Craig McGill recently asked: What is an online journalist?

So what should a digital/online reporter be? Should they go out on stories alongside print reporters and basically be someone who takes video, pictures and audio soundbites and then files it back to the office? Should they also be editing that content just as a wordsmith edits his words? Or should all of that be the work of the reporter and there shouldn’t be an online tag? Said reporter then comes back to the office and crafts/edits the words and everything else? Seems like a lot of work for one person.

It caused me to think, because I have always defined myself as an online journalist, despite the fact that I was trained as a newspaper journalist and for most of my career I worked for a public service broadcaster, the BBC. Yet by 1999, just five years into my career, I had already worked in every major news medium: Newspapers, television, radio and the internet.

I will admit that my motivation for the self-definition has been, in part, an act of defiance, a professional statement to the high priests of the Church of Journalism that, despite the perceived power and importance of newspapers and television, I chose to work online. Why defiance? I made the move online in 1996. A couple of years later, when I considered moving back to newspapers, my experience was dismissed as if my work online didn’t count. Even computer-savvy journalists, even back in 1998, told me that I would have to chose between technical work and journalism. Instead I forged my own path at the BBC.

There I covered stories for radio, television and online, such as the Microsoft anti-trust trial and the dot.com boom. For years, I had a slot on BBC 5 Live talking about technology and the internet, and I covered US politics, current affairs and entertainment for the website. There wasn’t a binary decision to be made about whether to be online or be a journalist, whether to be technical or editorial – I was both. Any field journalist knows technical knowledge is a requirement for the job: If you can’t get your story, your audio and your video back to the office, the quality of the journalism does’t matter.

After the dot.com crash, I watched as many of my online journalism colleagues were laid off, their divisions gutted, downsized or destroyed.
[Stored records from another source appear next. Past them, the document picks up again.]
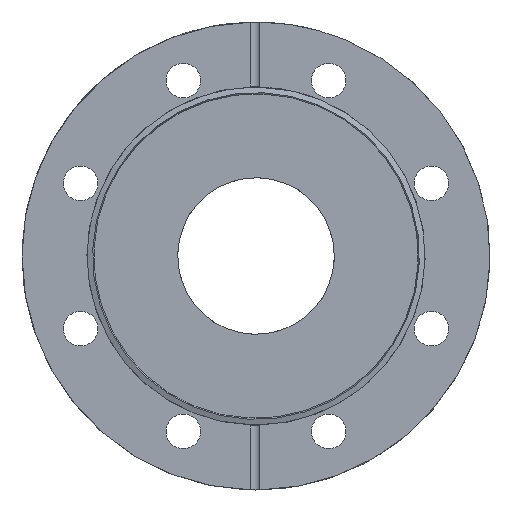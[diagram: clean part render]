
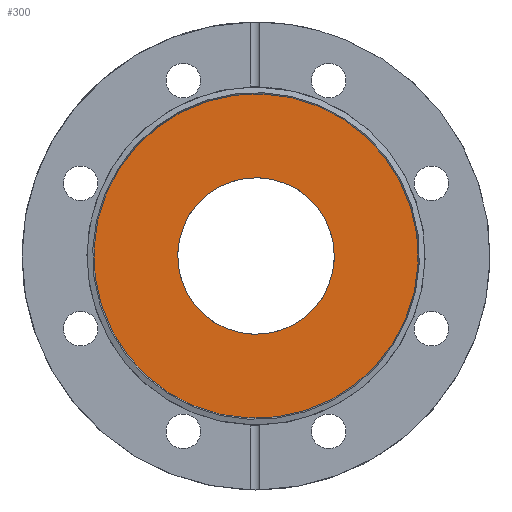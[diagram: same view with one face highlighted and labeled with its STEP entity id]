
A CAD part, left-side view. The second image highlights one B-rep face of the part: STEP entity #300.
In plain terms, the highlighted planar face has unit normal (-1, 0, 0).
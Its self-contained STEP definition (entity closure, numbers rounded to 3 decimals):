
#300 = ADVANCED_FACE( '', ( #587, #588 ), #589, .F. );
#587 = FACE_OUTER_BOUND( '', #878, .T. );
#588 = FACE_BOUND( '', #879, .T. );
#589 = PLANE( '', #880 );
#878 = EDGE_LOOP( '', ( #1179 ) );
#879 = EDGE_LOOP( '', ( #1180 ) );
#880 = AXIS2_PLACEMENT_3D( '', #1181, #1182, #1183 );
#1179 = ORIENTED_EDGE( '', *, *, #1411, .T. );
#1180 = ORIENTED_EDGE( '', *, *, #1376, .F. );
#1181 = CARTESIAN_POINT( '', ( -16.2, 0., 39.335 ) );
#1182 = DIRECTION( '', ( 1., 0., 0. ) );
#1183 = DIRECTION( '', ( 0., 1., 0. ) );
#1376 = EDGE_CURVE( '', #1537, #1537, #1538, .T. );
#1411 = EDGE_CURVE( '', #1592, #1592, #1593, .T. );
#1537 = VERTEX_POINT( '', #1816 );
#1538 = CIRCLE( '', #1817, 19. );
#1592 = VERTEX_POINT( '', #1888 );
#1593 = CIRCLE( '', #1889, 39.335 );
#1816 = CARTESIAN_POINT( '', ( -16.2, 0., 19. ) );
#1817 = AXIS2_PLACEMENT_3D( '', #2038, #2039, #2040 );
#1888 = CARTESIAN_POINT( '', ( -16.2, 0., 39.335 ) );
#1889 = AXIS2_PLACEMENT_3D( '', #2100, #2101, #2102 );
#2038 = CARTESIAN_POINT( '', ( -16.2, 0., 0. ) );
#2039 = DIRECTION( '', ( -1., 0., 0. ) );
#2040 = DIRECTION( '', ( 0., 0., 1. ) );
#2100 = CARTESIAN_POINT( '', ( -16.2, 0., 0. ) );
#2101 = DIRECTION( '', ( -1., 0., 0. ) );
#2102 = DIRECTION( '', ( 0., 0., 1. ) );
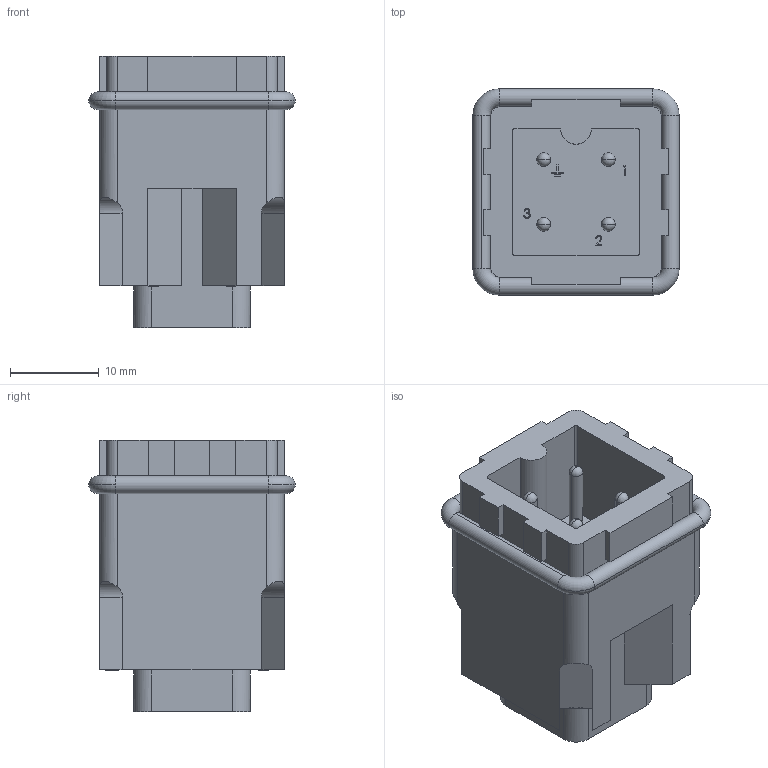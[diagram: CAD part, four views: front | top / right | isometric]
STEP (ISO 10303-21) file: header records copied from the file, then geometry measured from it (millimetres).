
FILE_DESCRIPTION (( 'STEP AP214' ), '1' );
FILE_NAME ('CKM-03.STEP', '2006-07-06T12:05:45', ( 'Mencom User' ), ( 'Mencom Corporation' ), 'SwSTEP 2.0', 'SolidWorks 2006104', '' );
FILE_SCHEMA (( 'AUTOMOTIVE_DESIGN' ));
Length unit declared in the file: inch
Products named in the file (1): CKM-03
Bounding box: 23.29 x 23.29 x 30.61 mm (x, y, z)
Volume: 8357 mm3; surface area: 5297.4 mm2
Topology: 2 solids, 2 shells, 318 faces, 817 edges, 534 vertices
Faces by surface type: plane 188, cylinder 72, bspline 40, torus 18
Entity records: 16777 total; most frequent: CARTESIAN_POINT 5451, ORIENTED_EDGE 1634, DIRECTION 1435, EDGE_CURVE 817, VECTOR 535, LINE 535, VERTEX_POINT 534, AXIS2_PLACEMENT_3D 450
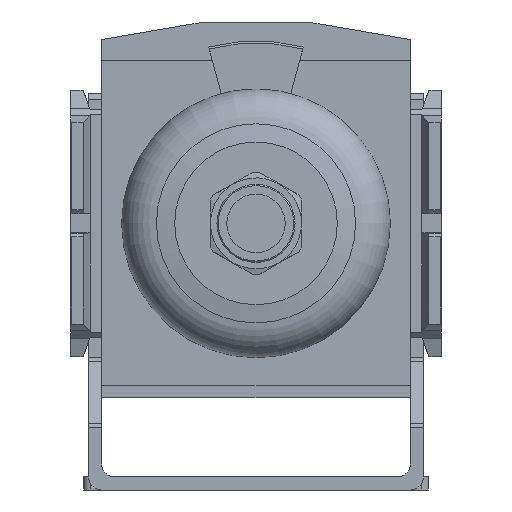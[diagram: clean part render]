
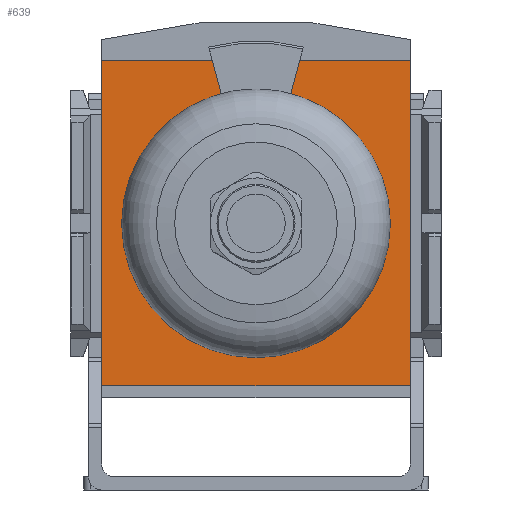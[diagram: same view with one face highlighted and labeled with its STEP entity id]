
A CAD part, front view. The second image highlights one B-rep face of the part: STEP entity #639.
In plain terms, the highlighted planar face has unit normal (0, -1, 0).
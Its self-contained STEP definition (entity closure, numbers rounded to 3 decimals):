
#639 = ADVANCED_FACE( '', ( #1397, #1398 ), #1399, .F. );
#1397 = FACE_BOUND( '', #2251, .T. );
#1398 = FACE_OUTER_BOUND( '', #2252, .T. );
#1399 = PLANE( '', #2253 );
#2251 = EDGE_LOOP( '', ( #4060 ) );
#2252 = EDGE_LOOP( '', ( #4061, #4062, #4063, #4064 ) );
#2253 = AXIS2_PLACEMENT_3D( '', #4065, #4066, #4067 );
#4060 = ORIENTED_EDGE( '', *, *, #5373, .F. );
#4061 = ORIENTED_EDGE( '', *, *, #5103, .F. );
#4062 = ORIENTED_EDGE( '', *, *, #5349, .F. );
#4063 = ORIENTED_EDGE( '', *, *, #5501, .F. );
#4064 = ORIENTED_EDGE( '', *, *, #5505, .F. );
#4065 = CARTESIAN_POINT( '', ( 0., -32., 0. ) );
#4066 = DIRECTION( '', ( 0., 1., 0. ) );
#4067 = DIRECTION( '', ( 0., 0., 1. ) );
#5103 = EDGE_CURVE( '', #6197, #6199, #6200, .T. );
#5349 = EDGE_CURVE( '', #6587, #6197, #6588, .T. );
#5373 = EDGE_CURVE( '', #6620, #6620, #6621, .F. );
#5501 = EDGE_CURVE( '', #6793, #6587, #6795, .T. );
#5505 = EDGE_CURVE( '', #6199, #6793, #6800, .T. );
#6197 = VERTEX_POINT( '', #7695 );
#6199 = VERTEX_POINT( '', #7698 );
#6200 = LINE( '', #7699, #7700 );
#6587 = VERTEX_POINT( '', #8271 );
#6588 = LINE( '', #8272, #8273 );
#6620 = VERTEX_POINT( '', #8313 );
#6621 = CIRCLE( '', #8314, 20.661 );
#6793 = VERTEX_POINT( '', #8553 );
#6795 = LINE( '', #8556, #8557 );
#6800 = LINE( '', #8564, #8565 );
#7695 = CARTESIAN_POINT( '', ( -23.75, -32., -25. ) );
#7698 = CARTESIAN_POINT( '', ( -23.75, -32., 25. ) );
#7699 = CARTESIAN_POINT( '', ( -23.75, -32., -25. ) );
#7700 = VECTOR( '', #9184, 1000. );
#8271 = CARTESIAN_POINT( '', ( 23.75, -32., -25. ) );
#8272 = CARTESIAN_POINT( '', ( 23.75, -32., -25. ) );
#8273 = VECTOR( '', #9466, 1000. );
#8313 = CARTESIAN_POINT( '', ( 0., -32., 20.661 ) );
#8314 = AXIS2_PLACEMENT_3D( '', #9496, #9497, #9498 );
#8553 = CARTESIAN_POINT( '', ( 23.75, -32., 25. ) );
#8556 = CARTESIAN_POINT( '', ( 23.75, -32., 25. ) );
#8557 = VECTOR( '', #9615, 1000. );
#8564 = CARTESIAN_POINT( '', ( -23.75, -32., 25. ) );
#8565 = VECTOR( '', #9618, 1000. );
#9184 = DIRECTION( '', ( 0., 0., 1. ) );
#9466 = DIRECTION( '', ( -1., 0., 0. ) );
#9496 = CARTESIAN_POINT( '', ( 0., -32., 0. ) );
#9497 = DIRECTION( '', ( 0., 1., 0. ) );
#9498 = DIRECTION( '', ( 0., 0., 1. ) );
#9615 = DIRECTION( '', ( 0., 0., -1. ) );
#9618 = DIRECTION( '', ( 1., 0., 0. ) );

Most of them were so disenchanted with the experience that they left journalism entirely. In 2002, the BBC News website did a Q&A – the questions came from the site’s readers – with Peter Jennings in the New York studios of ABC News. After the interview, Mr Jennings took us to the online department, introduced us to the staff and showed us their work with collegial pride. He grumbled that “the Mouse (Disney)”, ABC’s corporate parent, didn’t value their work much and was cutting staff.

It’s an attitude that is still common in journalism today, even if the number of digital staff is increasing. You can see it in the responses to Craig’s question, for example, the journalists who believe that their online colleagues do little more than “type the stories up for the web”. It’s about as dismissive as Truman Capote saying that Jack Kerouac’s On the Road was not writing but merely typing.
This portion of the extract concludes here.